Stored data
>>>>>
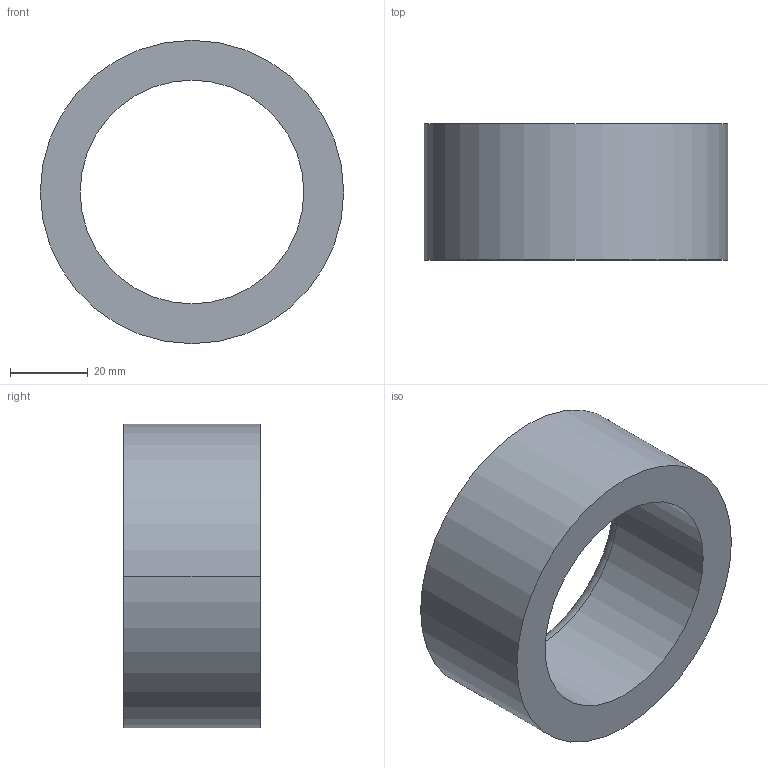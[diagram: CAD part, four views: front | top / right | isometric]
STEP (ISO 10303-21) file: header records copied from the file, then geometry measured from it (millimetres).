
FILE_DESCRIPTION (( 'STEP AP203' ), '1' );
FILE_NAME ('30800.WPP78M57.5.step', '2019-01-23T23:02:44', ( '' ), ( '' ), 'SwSTEP 2.0', 'SolidWorks 2017', '' );
FILE_SCHEMA (( 'CONFIG_CONTROL_DESIGN' ));
Length unit declared in the file: millimetre
Products named in the file (1): 30800.WPP78M57.5
Bounding box: 78 x 35 x 78 mm (x, y, z)
Volume: 75717.9 mm3; surface area: 18959.3 mm2
Topology: 1 solids, 1 shells, 8 faces, 16 edges, 10 vertices
Faces by surface type: cylinder 4, torus 2, plane 2
Entity records: 297 total; most frequent: DIRECTION 46, CARTESIAN_POINT 35, ORIENTED_EDGE 32, AXIS2_PLACEMENT_3D 21, EDGE_CURVE 16, CIRCLE 12, EDGE_LOOP 10, VERTEX_POINT 10
<<<<<
• _THE PROBLEM_:
No picture is to appear in the copy; every entry above is otherwise to be printed verbatim.

• _WRITTEN SOLUTION_:
[diagram: CAD part, four views: front | top / right | isometric]
STEP (ISO 10303-21) file: header records copied from the file, then geometry measured from it (millimetres).
FILE_DESCRIPTION (( 'STEP AP203' ), '1' );
FILE_NAME ('30800.WPP78M57.5.step', '2019-01-23T23:02:44', ( '' ), ( '' ), 'SwSTEP 2.0', 'SolidWorks 2017', '' );
FILE_SCHEMA (( 'CONFIG_CONTROL_DESIGN' ));
Length unit declared in the file: millimetre
Products named in the file (1): 30800.WPP78M57.5
Bounding box: 78 x 35 x 78 mm (x, y, z)
Volume: 75717.9 mm3; surface area: 18959.3 mm2
Topology: 1 solids, 1 shells, 8 faces, 16 edges, 10 vertices
Faces by surface type: cylinder 4, torus 2, plane 2
Entity records: 297 total; most frequent: DIRECTION 46, CARTESIAN_POINT 35, ORIENTED_EDGE 32, AXIS2_PLACEMENT_3D 21, EDGE_CURVE 16, CIRCLE 12, EDGE_LOOP 10, VERTEX_POINT 10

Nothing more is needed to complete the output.